In recent years the UIL has toyed with where to stage the finals in football so that it is not too far away. That rules out El Paso and Brownsville, although neither town has had much luck in winning state football championships lately. And the stadium has to be covered. So Dallas (AT&T), San Antonio (AlamoDome) and Houston (NRG formerly Reliant Stadium) fight for the game. How big are these events? This from the UIL: Last year was the first time that all football state championship games, 11-man and 6-man, were held at the same facility (AT&T). The Texas high school football attendance record was broken during the Allen vs. Pearland game – 54,347 people showed up, no doubt a majority of them college scouts. 11-man football attendance: 221,339 (for 10 games) 6-man football attendance: 14,288 (for two games). As with my local stadium, some colleges would envy these attendance figures. Another change: This is the first year the UIL will have a Conference 6A. In football this means that all six-man football is Conference 1A and the 11-man schools are in conferences 2A through 6A. (The old line about the UIL goes: “There are better football programs, but they play on Sunday afternoons.”)

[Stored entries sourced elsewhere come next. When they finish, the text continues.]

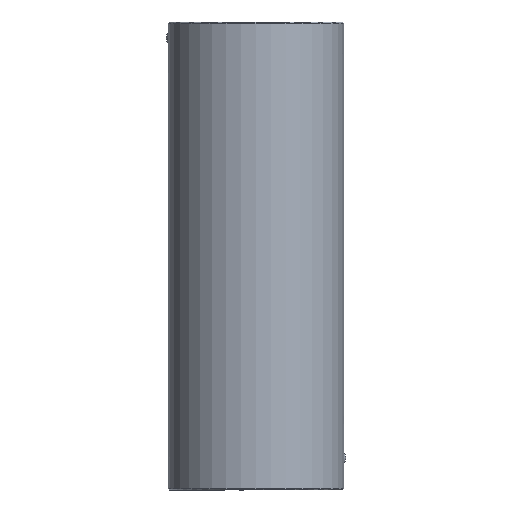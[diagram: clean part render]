
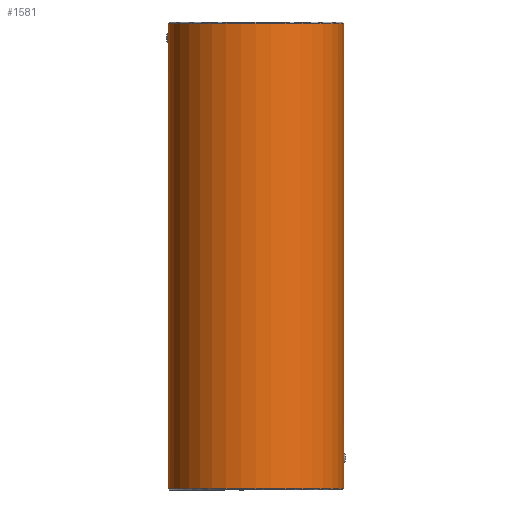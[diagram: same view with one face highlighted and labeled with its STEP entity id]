
A CAD part, front view. The second image highlights one B-rep face of the part: STEP entity #1581.
In plain terms, the highlighted cylindrical face has radius 22.5 mm (diameter 45 mm), a partial arc.
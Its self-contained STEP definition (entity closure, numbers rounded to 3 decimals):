
#1363=CARTESIAN_POINT('Vertex',(-22.5,0.,0.3)) ;
#1370=CARTESIAN_POINT('Vertex',(22.5,0.,0.3)) ;
#1373=CARTESIAN_POINT('Axis2P3D Location',(0.,0.,0.3)) ;
#1491=CARTESIAN_POINT('Axis2P3D Location',(0.,0.,120.)) ;
#1496=CARTESIAN_POINT('Line Origine',(22.5,0.,120.)) ;
#1500=CARTESIAN_POINT('Vertex',(22.5,0.,6.877)) ;
#1504=CARTESIAN_POINT('Control Point',(22.458,-1.369,8.201)) ;
#1505=CARTESIAN_POINT('Control Point',(22.458,-1.369,7.777)) ;
#1506=CARTESIAN_POINT('Control Point',(22.469,-1.194,7.356)) ;
#1507=CARTESIAN_POINT('Control Point',(22.49,-0.847,7.034)) ;
#1508=CARTESIAN_POINT('Control Point',(22.5,-0.424,6.877)) ;
#1509=CARTESIAN_POINT('Control Point',(22.5,0.,6.877)) ;
#1510=CARTESIAN_POINT('Vertex',(22.458,-1.369,8.201)) ;
#1514=CARTESIAN_POINT('Control Point',(22.5,0.,9.523)) ;
#1515=CARTESIAN_POINT('Control Point',(22.5,-0.423,9.523)) ;
#1516=CARTESIAN_POINT('Control Point',(22.49,-0.842,9.368)) ;
#1517=CARTESIAN_POINT('Control Point',(22.469,-1.194,9.046)) ;
#1518=CARTESIAN_POINT('Control Point',(22.458,-1.368,8.624)) ;
#1519=CARTESIAN_POINT('Control Point',(22.458,-1.369,8.201)) ;
#1520=CARTESIAN_POINT('Vertex',(22.5,0.,9.523)) ;
#1523=CARTESIAN_POINT('Line Origine',(22.5,0.,120.)) ;
#1527=CARTESIAN_POINT('Vertex',(22.5,0.,119.7)) ;
#1530=CARTESIAN_POINT('Axis2P3D Location',(0.,0.,119.7)) ;
#1534=CARTESIAN_POINT('Vertex',(-22.5,0.,119.7)) ;
#1537=CARTESIAN_POINT('Line Origine',(-22.5,0.,120.)) ;
#1541=CARTESIAN_POINT('Vertex',(-22.5,0.,117.223)) ;
#1545=CARTESIAN_POINT('Control Point',(-22.458,-1.369,115.899)) ;
#1546=CARTESIAN_POINT('Control Point',(-22.458,-1.369,116.323)) ;
#1547=CARTESIAN_POINT('Control Point',(-22.469,-1.194,116.744)) ;
#1548=CARTESIAN_POINT('Control Point',(-22.49,-0.847,117.066)) ;
#1549=CARTESIAN_POINT('Control Point',(-22.5,-0.424,117.223)) ;
#1550=CARTESIAN_POINT('Control Point',(-22.5,0.,117.223)) ;
#1551=CARTESIAN_POINT('Vertex',(-22.458,-1.369,115.899)) ;
#1555=CARTESIAN_POINT('Control Point',(-22.5,0.,114.577)) ;
#1556=CARTESIAN_POINT('Control Point',(-22.5,-0.423,114.577)) ;
#1557=CARTESIAN_POINT('Control Point',(-22.49,-0.842,114.732)) ;
#1558=CARTESIAN_POINT('Control Point',(-22.469,-1.194,115.054)) ;
#1559=CARTESIAN_POINT('Control Point',(-22.458,-1.368,115.476)) ;
#1560=CARTESIAN_POINT('Control Point',(-22.458,-1.369,115.899)) ;
#1561=CARTESIAN_POINT('Vertex',(-22.5,0.,114.577)) ;
#1564=CARTESIAN_POINT('Line Origine',(-22.5,0.,120.)) ;
#1374=DIRECTION('Axis2P3D Direction',(0.,-0.,1.)) ;
#1492=DIRECTION('Axis2P3D Direction',(0.,0.,-1.)) ;
#1493=DIRECTION('Axis2P3D XDirection',(1.,0.,0.)) ;
#1497=DIRECTION('Vector Direction',(0.,0.,-1.)) ;
#1524=DIRECTION('Vector Direction',(0.,0.,-1.)) ;
#1531=DIRECTION('Axis2P3D Direction',(0.,0.,-1.)) ;
#1538=DIRECTION('Vector Direction',(0.,0.,-1.)) ;
#1565=DIRECTION('Vector Direction',(0.,0.,-1.)) ;
#1375=AXIS2_PLACEMENT_3D('Circle Axis2P3D',#1373,#1374,$) ;
#1494=AXIS2_PLACEMENT_3D('Cylinder Axis2P3D',#1491,#1492,#1493) ;
#1532=AXIS2_PLACEMENT_3D('Circle Axis2P3D',#1530,#1531,$) ;
#1570=ORIENTED_EDGE('',*,*,#1502,.T.) ;
#1571=ORIENTED_EDGE('',*,*,#1512,.F.) ;
#1572=ORIENTED_EDGE('',*,*,#1522,.F.) ;
#1573=ORIENTED_EDGE('',*,*,#1529,.T.) ;
#1574=ORIENTED_EDGE('',*,*,#1536,.F.) ;
#1575=ORIENTED_EDGE('',*,*,#1543,.T.) ;
#1576=ORIENTED_EDGE('',*,*,#1553,.F.) ;
#1577=ORIENTED_EDGE('',*,*,#1563,.F.) ;
#1578=ORIENTED_EDGE('',*,*,#1568,.T.) ;
#1579=ORIENTED_EDGE('',*,*,#1377,.T.) ;
#1498=VECTOR('Line Direction',#1497,1.) ;
#1525=VECTOR('Line Direction',#1524,1.) ;
#1539=VECTOR('Line Direction',#1538,1.) ;
#1566=VECTOR('Line Direction',#1565,1.) ;
#1581=ADVANCED_FACE('730-38x120',(#1580),#1495,.T.) ;
#1503=B_SPLINE_CURVE_WITH_KNOTS('',5,(#1504,#1505,#1506,#1507,#1508,#1509),.UNSPECIFIED.,.F.,.U.,(6,6),(0.,3.001),.UNSPECIFIED.) ;
#1513=B_SPLINE_CURVE_WITH_KNOTS('',5,(#1514,#1515,#1516,#1517,#1518,#1519),.UNSPECIFIED.,.F.,.U.,(6,6),(0.,2.995),.UNSPECIFIED.) ;
#1544=B_SPLINE_CURVE_WITH_KNOTS('',5,(#1545,#1546,#1547,#1548,#1549,#1550),.UNSPECIFIED.,.F.,.U.,(6,6),(0.,3.001),.UNSPECIFIED.) ;
#1554=B_SPLINE_CURVE_WITH_KNOTS('',5,(#1555,#1556,#1557,#1558,#1559,#1560),.UNSPECIFIED.,.F.,.U.,(6,6),(0.,2.995),.UNSPECIFIED.) ;
#1376=CIRCLE('generated circle',#1375,22.5) ;
#1533=CIRCLE('generated circle',#1532,22.5) ;
#1495=CYLINDRICAL_SURFACE('generated cylinder',#1494,22.5) ;
#1377=EDGE_CURVE('',#1364,#1371,#1376,.T.) ;
#1502=EDGE_CURVE('',#1371,#1501,#1499,.F.) ;
#1512=EDGE_CURVE('',#1511,#1501,#1503,.T.) ;
#1522=EDGE_CURVE('',#1521,#1511,#1513,.T.) ;
#1529=EDGE_CURVE('',#1521,#1528,#1526,.F.) ;
#1536=EDGE_CURVE('',#1535,#1528,#1533,.F.) ;
#1543=EDGE_CURVE('',#1535,#1542,#1540,.T.) ;
#1553=EDGE_CURVE('',#1552,#1542,#1544,.T.) ;
#1563=EDGE_CURVE('',#1562,#1552,#1554,.T.) ;
#1568=EDGE_CURVE('',#1562,#1364,#1567,.T.) ;
#1569=EDGE_LOOP('',(#1570,#1571,#1572,#1573,#1574,#1575,#1576,#1577,#1578,#1579)) ;
#1580=FACE_OUTER_BOUND('',#1569,.T.) ;
#1499=LINE('Line',#1496,#1498) ;
#1526=LINE('Line',#1523,#1525) ;
#1540=LINE('Line',#1537,#1539) ;
#1567=LINE('Line',#1564,#1566) ;
#1364=VERTEX_POINT('',#1363) ;
#1371=VERTEX_POINT('',#1370) ;
#1501=VERTEX_POINT('',#1500) ;
#1511=VERTEX_POINT('',#1510) ;
#1521=VERTEX_POINT('',#1520) ;
#1528=VERTEX_POINT('',#1527) ;
#1535=VERTEX_POINT('',#1534) ;
#1542=VERTEX_POINT('',#1541) ;
#1552=VERTEX_POINT('',#1551) ;
#1562=VERTEX_POINT('',#1561) ;

Besides football, five athletic events have state championships at The University of Texas-Austin facilities; swimming and diving, track and field, golf, softball, and baseball – only one conference of baseball and golf played at UT. The one-act play state meet and academics state meets are both held on UT’s campus as well as many music competitions. The Legislative Council voted in June to create a Game Day Cheer (Leader) Competition as a pilot program for the 2015-16 school year. Continuation of the pilot program beyond the 2015-16 school year will require formal action by the full UIL Legislative Council.
You may be wondering why we call this organization the University Interscholastic League, since linebacker Bubba McBlitz (18 years old, 6 feet 6 inches tall, 310 pounds, can bench press a VW Beetle, has trouble spelling UIL), is not university material nor scholastic. According to the Handbook of Texas, the group, which is now the oldest and largest high school association of its kind in the U.S., began life at a Texas State Teachers Association meeting in Abilene in 1910 as part of the newly created Extension Bureau of UT. Known first as the Debating League of Texas High Schools, the league expanded its functions and in 1911 became the Debating and Declamation League of Texas Schools. Athletics didn’t enter the picture until 1912 when a track and field meet – not football — was added by taking over the functions of the Interscholastic Athletic Association. Then came two public-speaking events, contests in dramatics, journalism, music, essay writing, and finally football, basketball, tennis, golf and a bunch of other events. Former UIL participants include LBJ, Ann Richards, Barbara Jordan, Earl Campbell, Bill Moyers and Sandra Day O’Connor.
Houston sports columnist Mickey Herskowitz, wrote: “There must really be something to religion. People keep comparing it to Texas high school football.” Amen.